Back to Delta

Materialize Partition Columns

protocol_rfcs/materialize-partition-columns.md

4.2.03.1 KB
Original Source

Materialize Partition Columns

Associated Github issue for discussions: https://github.com/delta-io/delta/issues/5555

Overview

Currently, Delta tables store partition column values primarily in the table metadata (specifically in the partitionValues field of AddFile actions), and by default these columns are not physically written into the Parquet data files themselves.

This RFC proposes a new writer-only table feature called materializePartitionColumns. When supported, this feature requires partition columns to be physically materialized in Parquet data files alongside the data columns.

Motivation

This feature provides a mechanism to require partition column materialization at the protocol level, ensuring all writers to the table comply with this requirement during the period when the feature is supported.

Materializing partition columns enhances compatibility with Parquet readers that access Parquet files directly and do not interpret Delta’s AddFile metadata, as well as with Iceberg readers, which expect partition columns to be stored within the data files.

Additionally, having partition information embedded in the data files themselves enables more flexible data reorganization strategies. The same parquet files could be linked in future versions of a table that do not have the same (or any) partition columns.
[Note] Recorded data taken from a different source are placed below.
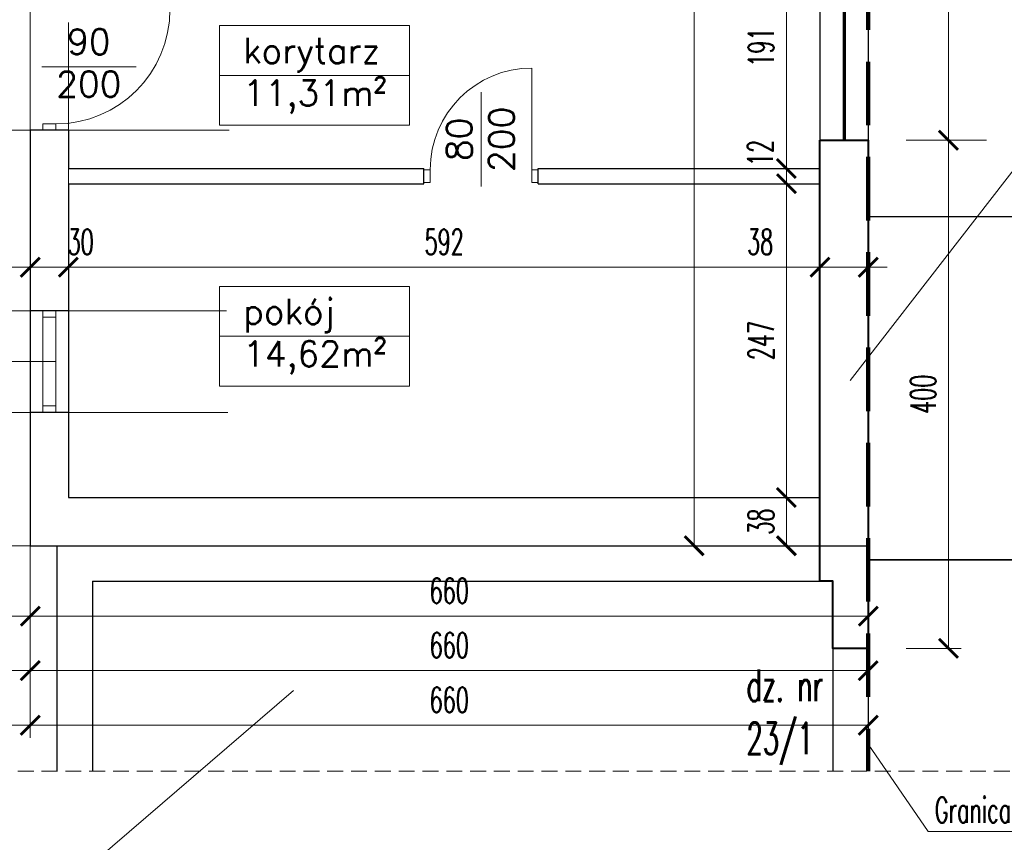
# Model space of a CAD drawing. Header units: millimetres. Extents: x 33311 to 435617, y -160714 to 185563.
# Tile 40 of 70: x 325961 to 333716, y -65440 to -58965. Entities that reach past the tile are written whole.
import ezdxf

# ---------------------------------------------------------------- set-up
doc = ezdxf.new("R2010")
doc.units = ezdxf.units.MM
doc.header["$MEASUREMENT"] = 0
doc.linetypes.add('HIDDEN2', pattern=[0.1875, 0.125, -0.0625])
doc.layers.get('Defpoints').update_dxf_attribs({"lineweight": 0})
for name, color, linetype, lineweight in [('[ 01przekrój proj', 70, 'Continuous', 40), ('[ 02przekrój istn', 42, 'Continuous', 30), ('[ 05widok istn', 50, 'Continuous', 30), ('[ 12stolarka istn', 211, 'Continuous', 13), ('[ 17granica', 172, 'HIDDEN2', 100), ('[ 20ucięcie', 8, 'HIDDEN2', 13), ('[ 21kreskowanie', 9, 'Continuous', 13), ('[ 22wymiarowanie', 8, 'Continuous', 13), ('[ 23kota odnośnik', 1, 'Continuous', 13), ('[ 24ramka cienka', 1, 'Continuous', 13), ('[ 25ramka gruba', 4, 'Continuous', 30), ('[035 średnia', 2, 'Continuous', 30), ('[070 b gruba', 6, 'Continuous', 70), ('[opisy2', 4, 'Continuous', 13), ('[opisy3', 2, 'Continuous', 30)]:
    doc.layers.add(name, color=color, linetype=linetype, lineweight=lineweight)
doc.styles.add('1.100', font='simplex.shx', dxfattribs={"height": 200})
doc.styles.add('99.2', font='simplex.shx', dxfattribs={"width": 0.6, "height": 200})
doc.styles.add('99.3', font='simplex.shx', dxfattribs={"width": 0.6, "height": 250})
doc.dimstyles.new('100cm', dxfattribs={"dimtxt": 200, "dimasz": 150, "dimexe": 100, "dimexo": 300, "dimgap": 100, "dimtad": 1, "dimdec": 0, "dimlfac": 0.1, "dimzin": 11, "dimtxsty": '99.2', "dimblk": 'ARCHTICK', "dimcen": 1.5, "dimclrd": 256, "dimclre": 256, "dimclrt": 4, "dimadec": 0, "dimazin": 0, "dimtfac": 0.75, "dimtdec": 0, "dimtix": 1, "dimtmove": 2, "dimatfit": 3, "dimfxl": 1, "dimtolj": 1, "dimtzin": 11, "dimlwd": -1, "dimlwe": -1, "dimarcsym": 0})

# ---------------------------------------------------------------- blocks, each defined once
blk = doc.blocks.new('_ArchTick')
at = {"color": 0, "linetype": 'ByBlock', "const_width": 0.15, "flags": 128}
blk.add_lwpolyline([(-0.5, -0.5), (0.5, 0.5)], dxfattribs=at)
blk = doc.blocks.new('*D211')
at = {"layer": '[ 22wymiarowanie', "transparency": 16777216}
for p, q in [((331999.9, -63105.9), (331999.9, -62725.9)), ((332034.6, -62725.9), (332099.9, -62725.9)), ((332066, -63105.9), (332099.9, -63105.9))]:
    blk.add_line(p, q, dxfattribs=at)
at = {"layer": 'Defpoints', "color": 0, "transparency": 16777216}
for p in [(331734.6, -62725.9), (331999.9, -62725.9), (331766, -63105.9)]:
    blk.add_point(p, dxfattribs=at)
at = {"layer": '[ 22wymiarowanie', "transparency": 16777216, "xscale": 150, "yscale": 150, "zscale": 150}
for p, rotation in [((331999.9, -62725.9), 90), ((331999.9, -63105.9), 270)]:
    blk.add_blockref('_ArchTick', p, dxfattribs=dict(at, rotation=rotation))
at = {"layer": '[ 22wymiarowanie', "color": 4, "transparency": 16777216, "insert": (331799.9, -62915.9), "char_height": 200, "attachment_point": 5, "rotation": 90, "style": '99.2'}
blk.add_mtext('\\A1;\\H1x;\\W0.6;38', dxfattribs=at)
blk = doc.blocks.new('*D212')
at = {"layer": '[ 22wymiarowanie', "transparency": 16777216}
for p, q in [((331975.8, -60255.9), (332099.9, -60255.9)), ((331999.9, -62725.9), (331999.9, -60255.9)), ((332034.6, -62725.9), (332099.9, -62725.9))]:
    blk.add_line(p, q, dxfattribs=at)
at = {"layer": 'Defpoints', "color": 0, "transparency": 16777216}
for p in [(331675.8, -60255.9), (331999.9, -60255.9), (331734.6, -62725.9)]:
    blk.add_point(p, dxfattribs=at)
at = {"layer": '[ 22wymiarowanie', "transparency": 16777216, "xscale": 150, "yscale": 150, "zscale": 150}
for p, rotation in [((331999.9, -60255.9), 90), ((331999.9, -62725.9), 270)]:
    blk.add_blockref('_ArchTick', p, dxfattribs=dict(at, rotation=rotation))
at = {"layer": '[ 22wymiarowanie', "color": 4, "transparency": 16777216, "insert": (331799.9, -61490.9), "char_height": 200, "attachment_point": 5, "rotation": 90, "style": '99.2'}
blk.add_mtext('\\A1;\\H1x;\\W0.6;247', dxfattribs=at)
blk = doc.blocks.new('*D213')
at = {"layer": '[ 22wymiarowanie', "transparency": 16777216}
for p, q in [((331999.9, -60135.9), (331999.9, -59985.9)), ((331967.9, -60135.9), (332099.9, -60135.9)), ((331999.9, -60255.9), (331999.9, -60135.9)), ((331975.8, -60255.9), (332099.9, -60255.9)), ((331999.9, -60255.9), (331999.9, -60405.9))]:
    blk.add_line(p, q, dxfattribs=at)
at = {"layer": 'Defpoints', "color": 0, "transparency": 16777216}
for p in [(331667.9, -60135.9), (331999.9, -60135.9), (331675.8, -60255.9)]:
    blk.add_point(p, dxfattribs=at)
at = {"layer": '[ 22wymiarowanie', "transparency": 16777216, "xscale": 150, "yscale": 150, "zscale": 150}
for p, rotation in [((331999.9, -60135.9), 270), ((331999.9, -60255.9), 90)]:
    blk.add_blockref('_ArchTick', p, dxfattribs=dict(at, rotation=rotation))
at = {"layer": '[ 22wymiarowanie', "color": 4, "transparency": 16777216, "insert": (331794.1, -60013.4), "char_height": 200, "attachment_point": 5, "rotation": 90, "style": '99.2'}
blk.add_mtext('\\A1;\\H1x;\\W0.6;12', dxfattribs=at)
blk = doc.blocks.new('*D214')
at = {"layer": '[ 22wymiarowanie', "transparency": 16777216}
for p, q in [((331999.9, -60135.9), (331999.9, -58225.9)), ((332026.4, -58225.9), (332099.9, -58225.9)), ((331967.9, -60135.9), (332099.9, -60135.9))]:
    blk.add_line(p, q, dxfattribs=at)
at = {"layer": 'Defpoints', "color": 0, "transparency": 16777216}
for p in [(331726.4, -58225.9), (331999.9, -58225.9), (331667.9, -60135.9)]:
    blk.add_point(p, dxfattribs=at)
at = {"layer": '[ 22wymiarowanie', "transparency": 16777216, "xscale": 150, "yscale": 150, "zscale": 150}
for p, rotation in [((331999.9, -58225.9), 90), ((331999.9, -60135.9), 270)]:
    blk.add_blockref('_ArchTick', p, dxfattribs=dict(at, rotation=rotation))
at = {"layer": '[ 22wymiarowanie', "color": 4, "transparency": 16777216, "insert": (331799.9, -59180.9), "char_height": 200, "attachment_point": 5, "rotation": 90, "style": '99.2'}
blk.add_mtext('\\A1;\\H1x;\\W0.6;191', dxfattribs=at)
blk = doc.blocks.new('*D222')
at = {"layer": '[ 22wymiarowanie', "transparency": 16777216}
for p, q in [((331308.8, -45795.9), (331172.9, -45795.9)), ((331272.9, -63105.9), (331272.9, -45795.9)), ((331308.8, -63105.9), (331172.9, -63105.9))]:
    blk.add_line(p, q, dxfattribs=at)
at = {"layer": 'Defpoints', "color": 0, "transparency": 16777216}
for p in [(331272.9, -45795.9), (331608.8, -45795.9), (331608.8, -63105.9)]:
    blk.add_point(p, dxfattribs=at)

New Section after Identity Columns section

Materialize Partition Columns

When this feature is supported, partition columns are physically written to Parquet files alongside the data columns. To support this feature:

  • The table must be on Writer Version 7, and a feature name materializePartitionColumns must exist in the table protocol's writerFeatures.

When supported:

  • When the writer feature materializePartitionColumns is set in the protocol, writers must materialize partition columns into any newly created data file, placing them after the data columns in the parquet schema. This mimics the same partition column materialization requirement from IcebergCompatV1 and IcebergCompatV2. As such, the materializePartitionColumns feature can be seen as a subset of the requirements imposed by those features, providing the partition column materialization guarantee independently without requiring full Iceberg compatibility.
  • When the writer feature materializePartitionColumns is not set in the table protocol, writers are not required to write partition columns to data files. Note that other features might still require materialization of partition values, such as IcebergCompatV1

This feature does not impose any requirements on readers. All Delta readers must be able to read the table regardless of whether partition columns are materialized in the data files. If partition values are present in both parquet and AddFile metadata, Delta readers should continue to read partition values from AddFile metadata.